Dhruba Jyoti Nag | TrustRadius Reviewer
Score 8 out of 10
Vetted Review
Verified User

Overall Satisfaction with Amazon Relational Database Service

Currently, Amazon RDS is used as a data store for all the micro-services in my organization. It is particularly suitable because, in a very loosely coupled micro-services landscape, none of the services need a complex table structure and limited data redundancy is tolerated. Hence, a medium instance of RDS is more than capable of servicing our production-grade micro-services without the maintenance cost of an on-premise RDBMS.
  • It is scalable and fault tolerant.
  • It is provided as a managed service without the need for an on premise data center.
  • It is highly capable and a fast enough data source for a production-grade lightweight microservice.
  • It is not suitable for a very complex database where every performance aspect of a database needs to be granularly fine-tuned.
  • Adopters have to take care of data security.
  • It is not suitable for analytics.
  • Minimal hardware costs as compared to an on-premise data center.
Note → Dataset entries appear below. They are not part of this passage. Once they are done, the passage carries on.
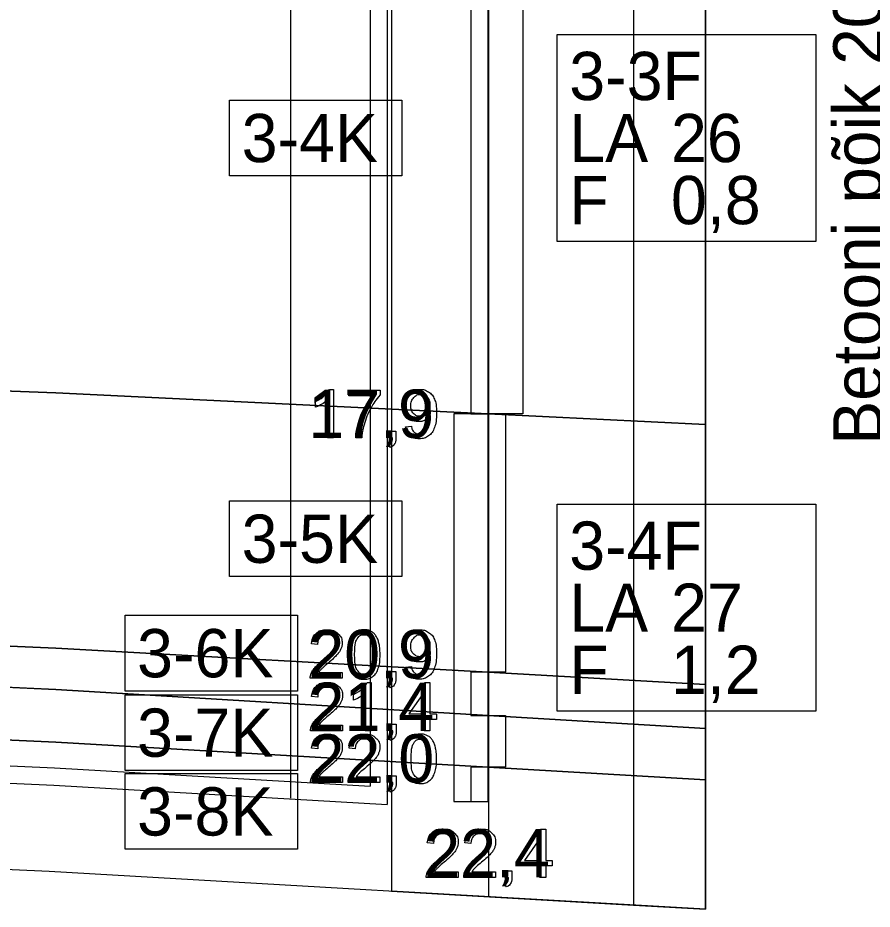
# Model space of a CAD drawing. Extents: x 544674 to 552202, y 6585829 to 6588119.
# Drawn here: x 551719.6 to 551818.7, y 6587239.4 to 6587342.8 of the extents above; entities that cross this region are included whole.
import ezdxf

# ---------------------------------------------------------------- set-up
doc = ezdxf.new("R2010")
doc.units = 0
for name, color, linetype in [('Default', 7, 'Continuous'), ('GEOLPUNKT', 7, 'Continuous'), ('Kaitsevöönd', 7, 'Continuous'), ('kataster', 7, 'Continuous'), ('ME', 7, 'Continuous'), ('PIIR', 7, 'Continuous'), ('Plokid', 7, 'Continuous'), ('Proovid', 7, 'Continuous'), ('RAJATIS', 7, 'Continuous'), ('RB trass', 7, 'Continuous'), ('Täide', 7, 'Continuous')]:
    doc.layers.add(name, color=color, linetype=linetype)

msp = doc.modelspace()

# ---------------------------------------------------------------- linework, layer by layer
at = {"layer": 'Default'}
for points in [[(551370.06, 6587312.8), (551452.85, 6587309.35), (551529.97, 6587306.14), (551544.15, 6587305.66), (551639.83, 6587302.46), (551724.04, 6587299.29), (551774.18, 6587296.85), (551799.4, 6587295.62)], [(551370.06, 6587285.34), (551452.85, 6587281.35), (551529.97, 6587277.64), (551544.15, 6587277.07), (551639.83, 6587273.34), (551724.04, 6587269.66), (551774.18, 6587266.85), (551799.4, 6587265.44)], [(551370.06, 6587281.62), (551452.85, 6587277.35), (551529.97, 6587273.38), (551544.15, 6587272.77), (551639.83, 6587268.78), (551724.04, 6587264.84), (551774.18, 6587261.85), (551799.4, 6587260.35)], [(551370.06, 6587274.98), (551452.85, 6587270.85), (551529.97, 6587267.01), (551544.15, 6587266.42), (551639.83, 6587262.56), (551724.04, 6587258.75), (551774.18, 6587255.85), (551799.4, 6587254.39)]]:
    msp.add_lwpolyline(points, dxfattribs=at)
at = {"layer": 'GEOLPUNKT'}
msp.add_line((551774.18, 6587475.85), (551774.18, 6587251.85), dxfattribs=at)
for points in [[(551780.16, 6587243.05), (551780.16, 6587244.39), (551777.73, 6587244.39), (551777.73, 6587245.02), (551780.28, 6587248.65), (551780.85, 6587248.65), (551780.85, 6587245.02), (551781.6, 6587245.02), (551781.6, 6587244.39), (551780.85, 6587244.39), (551780.85, 6587243.05), (551780.16, 6587243.05)], [(551780.16, 6587245.02), (551780.16, 6587247.55), (551778.41, 6587245.02), (551780.16, 6587245.02)], [(551767.83, 6587246.98), (551767.12, 6587247.05)], [(551772.18, 6587246.98), (551771.47, 6587247.05)], [(551770.7, 6587243.71), (551770.7, 6587243.05), (551766.99, 6587243.05)], [(551767.95, 6587243.71), (551770.7, 6587243.71)], [(551775.04, 6587243.71), (551775.04, 6587243.05), (551771.34, 6587243.05)], [(551772.3, 6587243.71), (551775.04, 6587243.71)], [(551776.15, 6587243.05), (551776.15, 6587243.83), (551776.94, 6587243.83), (551776.94, 6587243.05)], [(551776.54, 6587243.05), (551776.15, 6587243.05)], [(551776.3, 6587241.94), (551776.11, 6587242.24)]]:
    msp.add_lwpolyline(points, dxfattribs=at)
for points in [[(551767.12, 6587247.05), (551767.2, 6587247.84), (551767.67, 6587248.26), (551768.14, 6587248.67), (551768.94, 6587248.67), (551769.75, 6587248.67), (551770.22, 6587248.23), (551770.69, 6587247.78), (551770.69, 6587247.12), (551770.69, 6587246.78), (551770.55, 6587246.46), (551770.41, 6587246.13), (551770.09, 6587245.77), (551769.77, 6587245.42), (551769.04, 6587244.79), (551768.42, 6587244.27), (551768.24, 6587244.08), (551768.07, 6587243.9), (551767.95, 6587243.71)], [(551771.47, 6587247.05), (551771.54, 6587247.84), (551772.02, 6587248.26), (551772.49, 6587248.67), (551773.29, 6587248.67), (551774.1, 6587248.67), (551774.57, 6587248.23), (551775.04, 6587247.78), (551775.04, 6587247.12), (551775.04, 6587246.78), (551774.9, 6587246.46), (551774.76, 6587246.13), (551774.44, 6587245.77), (551774.12, 6587245.42), (551773.38, 6587244.79), (551772.77, 6587244.27), (551772.59, 6587244.08), (551772.41, 6587243.9), (551772.3, 6587243.71)], [(551766.99, 6587243.05), (551766.99, 6587243.3), (551767.07, 6587243.53), (551767.22, 6587243.91), (551767.53, 6587244.27), (551767.84, 6587244.64), (551768.43, 6587245.12), (551769.34, 6587245.87), (551769.66, 6587246.31), (551769.98, 6587246.74), (551769.98, 6587247.13), (551769.98, 6587247.54), (551769.69, 6587247.82), (551769.39, 6587248.1), (551768.93, 6587248.1), (551768.43, 6587248.1), (551768.13, 6587247.81), (551767.84, 6587247.51), (551767.83, 6587246.98)], [(551771.34, 6587243.05), (551771.34, 6587243.3), (551771.42, 6587243.53), (551771.57, 6587243.91), (551771.88, 6587244.27), (551772.19, 6587244.64), (551772.78, 6587245.12), (551773.69, 6587245.87), (551774.01, 6587246.31), (551774.33, 6587246.74), (551774.33, 6587247.13), (551774.33, 6587247.54), (551774.04, 6587247.82), (551773.74, 6587248.1), (551773.28, 6587248.1), (551772.78, 6587248.1), (551772.48, 6587247.81), (551772.18, 6587247.51), (551772.18, 6587246.98)], [(551776.11, 6587242.24), (551776.33, 6587242.33), (551776.43, 6587242.52), (551776.53, 6587242.7), (551776.54, 6587243.05)], [(551776.94, 6587243.05), (551776.94, 6587242.62), (551776.78, 6587242.35), (551776.63, 6587242.09), (551776.3, 6587241.94)]]:
    msp.add_open_spline(points, degree=3, dxfattribs=at)
at = {"layer": 'Kaitsevöönd'}
for p, q in [((551791.02, 6587473.78), (551791.02, 6587239.85)), ((551799.4, 6587239.37), (551799.4, 6587471.23)), ((551791.02, 6587239.85), (551799.4, 6587239.37))]:
    msp.add_line(p, q, dxfattribs=at)
msp.add_lwpolyline([(551799.4, 6587471.23), (551799.4, 6587239.37), (551762.97, 6587241.47)], dxfattribs=at)
at = {"layer": 'ME'}
for p, q in [((551762.47, 6587466.78), (551762.47, 6587251.52)), ((551760.47, 6587466.73), (551760.47, 6587253.64))]:
    msp.add_line(p, q, dxfattribs=at)
msp.add_lwpolyline([(551397.17, 6587270.62), (551529.84, 6587264.01), (551544.03, 6587263.42), (551639.7, 6587259.56), (551723.89, 6587255.76), (551760.47, 6587253.64)], dxfattribs=at)
at = {"layer": 'PIIR'}
msp.add_line((551774.26, 6587240.82), (551774.26, 6587475.85), dxfattribs=at)
at = {"layer": 'Plokid'}
msp.add_line((551762.47, 6587422.98), (551762.47, 6587251.52), dxfattribs=at)
msp.add_lwpolyline([(551399.57, 6587268.5), (551529.75, 6587262.01), (551543.95, 6587261.42), (551639.62, 6587257.56), (551723.79, 6587253.76), (551762.47, 6587251.52)], dxfattribs=at)
at = {"layer": 'Proovid'}
for points in [[(551774.18, 6587360.85), (551772.18, 6587360.85), (551772.18, 6587296.85), (551774.18, 6587296.85)], [(551774.18, 6587360.85), (551778.18, 6587360.85), (551778.18, 6587296.85), (551774.18, 6587296.85)], [(551782.18, 6587340.85), (551812.18, 6587340.85), (551812.18, 6587316.85), (551782.18, 6587316.85)], [(551744.18, 6587333.25), (551764.18, 6587333.25), (551764.18, 6587324.45), (551744.18, 6587324.45)], [(551774.18, 6587296.85), (551770.18, 6587296.85), (551770.18, 6587251.85), (551774.18, 6587251.85)], [(551774.18, 6587296.85), (551776.18, 6587296.85), (551776.18, 6587266.85), (551774.18, 6587266.85)], [(551744.18, 6587286.75), (551764.18, 6587286.75), (551764.18, 6587277.95), (551744.18, 6587277.95)], [(551782.18, 6587286.35), (551812.18, 6587286.35), (551812.18, 6587262.35), (551782.18, 6587262.35)], [(551732.05, 6587273.47), (551752.05, 6587273.47), (551752.05, 6587264.67), (551732.05, 6587264.67)], [(551774.18, 6587266.85), (551772.18, 6587266.85), (551772.18, 6587261.85), (551774.18, 6587261.85)], [(551732.05, 6587264.25), (551752.05, 6587264.25), (551752.05, 6587255.45), (551732.05, 6587255.45)], [(551774.18, 6587261.85), (551776.18, 6587261.85), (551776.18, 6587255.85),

  • Huge savings in licensing costs.
  • Easily deployable, so no advance planning and provisioning required. A new instance can be spun up in minutes.
RDS is a new way to go about database needs for organizations. As more and more enterprises move towards cloud-based design when creating their IT infrastructure, more and more they shed traditional on-premise heavyweight RDBMS systems and instead embrace cloud database services like RDS which save an amazing amount of money. Since it was one of the first offerings in the database as a service space, its adoption is also comparatively higher.
It is very well suited as a small data store for lightweight micro-services where there is no need for a complex table structure and database objects. It is not very well suited for applications which perform analytics on a large volume of data in a short span of time and, hence, require a very high throughput.